The contest becomes even more uncertain if Pelosi does retire. But whether she stays in or not, and whether Chakrabarti wins or loses, he says that he will continue to organize. In fact, he says, “The target in my mind really is 2028 more than 2026. I’m sort of thinking of 2026 as there’s going to be a bunch of people popping up on their own. I want to develop a relationship with them and then if I beat Pelosi, I’m going to call for a bunch of people to run. And then we can get the infrastructure in place by that point to handle that influx.”

Chakrabarti’s whole gambit is based on the idea of this moment — this energy that’s propelling anti-establishment forces around the country and which Chakrabarti hopes to seize on and place within his larger vision. We’re standing in his office and, still, it’s hard to hide some skepticism. I start trying to poke holes in his plans. Legislation like this would require a supermajority — how do you win in red states? How do you get the debate off Republican footing (trans kids in sports, or immigration) and onto the cost of living? What if this moment, this energy, just dries up?

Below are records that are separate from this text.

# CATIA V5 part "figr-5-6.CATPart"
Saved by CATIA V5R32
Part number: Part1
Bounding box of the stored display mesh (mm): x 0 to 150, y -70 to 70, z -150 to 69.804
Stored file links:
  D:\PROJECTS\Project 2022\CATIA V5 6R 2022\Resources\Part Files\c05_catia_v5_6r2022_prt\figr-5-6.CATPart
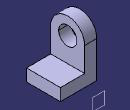
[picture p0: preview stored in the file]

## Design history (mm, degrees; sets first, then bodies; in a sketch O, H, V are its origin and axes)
Set1
  Plane1: type Offset, RefPlane face of Pad2, Offset 79, reversed
Body1 (main body)
  Sketch1 on yz-plane, origin (0, 0, 0), H (0, 1, 0), V (0, 0, 1)
    arc A1 centre (0, 0) radius 70 from (70, 0) to (-70, 0) ccw
    point P1 (70, 0)
    point P2 (-70, 0)
    line L1 (-70, 0) -> (-70, -150)
    line L2 (-70, -150) -> (70, -150)
    line L3 (70, -150) -> (70, 0)
    circle A2 centre (0, 0) radius 37.5
    radius A1 = 70
    radius A2 = 37.5
    distance O L2 = 150
    coincidence: P1 H, P2 H
    tangency: L1 A1, L3 A1
    horizontal: L2 H
  Pad1: profile Sketch1, direction (1, 0, 0), length 50
  Sketch2 on face of Pad1, origin (50, 0, 0), H (0, 1, 0), V (0, 0, 1)
    line L1 (-70, -150) -> (70, -150)
    line L2 (70, -150) -> (70, -100)
    line L3 (70, -100) -> (-70, -100)
    line L4 (-70, -100) -> (-70, -150)
    reference projected line E1 (-70, -150) -> (70, -150) from edge [face of Pad1 | face of Pad1]
    reference projected line E2 (-70, 0) -> (-70, -150) from edge [face of Pad1 | face of Pad1]
    reference projected line E3 (70, -150) -> (70, 0) from edge [face of Pad1 | face of Pad1]
    length L2 = 50
    horizontal: L1 H, L3 H
    vertical: L2 V, L4 V
    coincidence: L1 E1, E2 L4, L2 E3
  Pad2: profile Sketch2, direction (1, 0, 0), length 100

But Chakrabarti has answers, outlandish as they may seem, and he shrugs off the suggestion that the dissatisfaction of the Democratic base might ultimately dissipate.
“It won’t dissipate by the time I’m recruiting people. I’m talking about recruiting people in the current moment, and raising the money for it in the current moment,” he says. “If I wanted to recruit 400 people to run for Congress now, I need to be doing that now.”